**What to do:**
Counting only lines below that hold "DIRECTION", give the total alone.

=== Working data ===

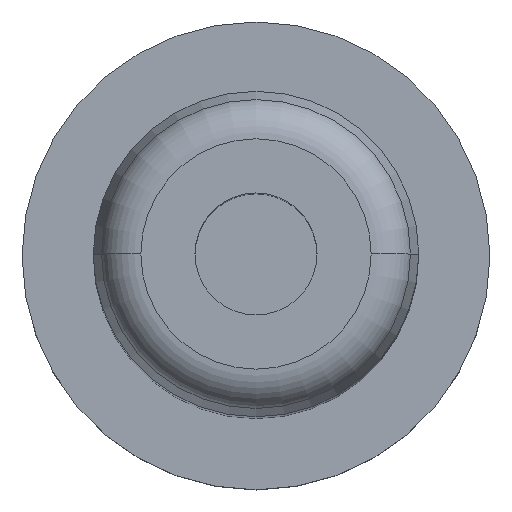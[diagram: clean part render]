
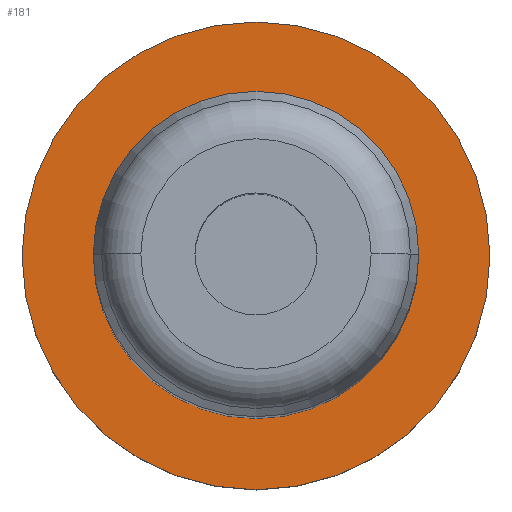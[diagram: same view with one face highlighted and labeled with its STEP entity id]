
A CAD part, top view. The second image highlights one B-rep face of the part: STEP entity #181.
In plain terms, the highlighted planar face has unit normal (0, 0, 1).
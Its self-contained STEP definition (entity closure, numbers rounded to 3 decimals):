
#111=FACE_BOUND('',#244,.T.);
#112=FACE_BOUND('',#245,.T.);
#181=ADVANCED_FACE('',(#111,#112),#201,.T.);
#201=PLANE('',#542);
#244=EDGE_LOOP('',(#311,#312));
#245=EDGE_LOOP('',(#313,#314));
#311=ORIENTED_EDGE('',*,*,#439,.F.);
#312=ORIENTED_EDGE('',*,*,#440,.F.);
#313=ORIENTED_EDGE('',*,*,#438,.T.);
#314=ORIENTED_EDGE('',*,*,#436,.T.);
#393=VERTEX_POINT('',#782);
#394=VERTEX_POINT('',#784);
#395=VERTEX_POINT('',#790);
#396=VERTEX_POINT('',#791);
#436=EDGE_CURVE('',#394,#393,#487,.T.);
#438=EDGE_CURVE('',#393,#394,#488,.T.);
#439=EDGE_CURVE('',#395,#396,#489,.T.);
#440=EDGE_CURVE('',#396,#395,#490,.T.);
#487=CIRCLE('',#536,7.);
#488=CIRCLE('',#538,7.);
#489=CIRCLE('',#540,11.5);
#490=CIRCLE('',#541,11.5);
#536=AXIS2_PLACEMENT_3D('',#783,#637,#638);
#538=AXIS2_PLACEMENT_3D('',#787,#642,#643);
#540=AXIS2_PLACEMENT_3D('',#789,#646,#647);
#541=AXIS2_PLACEMENT_3D('',#792,#648,#649);
#542=AXIS2_PLACEMENT_3D('',#793,#650,#651);
#637=DIRECTION('',(0.,0.,-1.));
#638=DIRECTION('',(0.,1.,0.));
#642=DIRECTION('',(0.,0.,-1.));
#643=DIRECTION('',(0.,-1.,0.));
#646=DIRECTION('',(0.,0.,-1.));
#647=DIRECTION('',(0.,1.,0.));
#648=DIRECTION('',(0.,0.,-1.));
#649=DIRECTION('',(0.,-1.,0.));
#650=DIRECTION('',(0.,0.,1.));
#651=DIRECTION('',(0.,-1.,0.));
#782=CARTESIAN_POINT('',(-7.,0.,5.));
#783=CARTESIAN_POINT('',(0.,0.,5.));
#784=CARTESIAN_POINT('',(7.,0.,5.));
#787=CARTESIAN_POINT('',(0.,0.,5.));
#789=CARTESIAN_POINT('',(0.,0.,5.));
#790=CARTESIAN_POINT('',(11.5,0.,5.));
#791=CARTESIAN_POINT('',(-11.5,0.,5.));
#792=CARTESIAN_POINT('',(0.,0.,5.));
#793=CARTESIAN_POINT('',(0.,0.,5.));

===

**Output of the exercise:**
10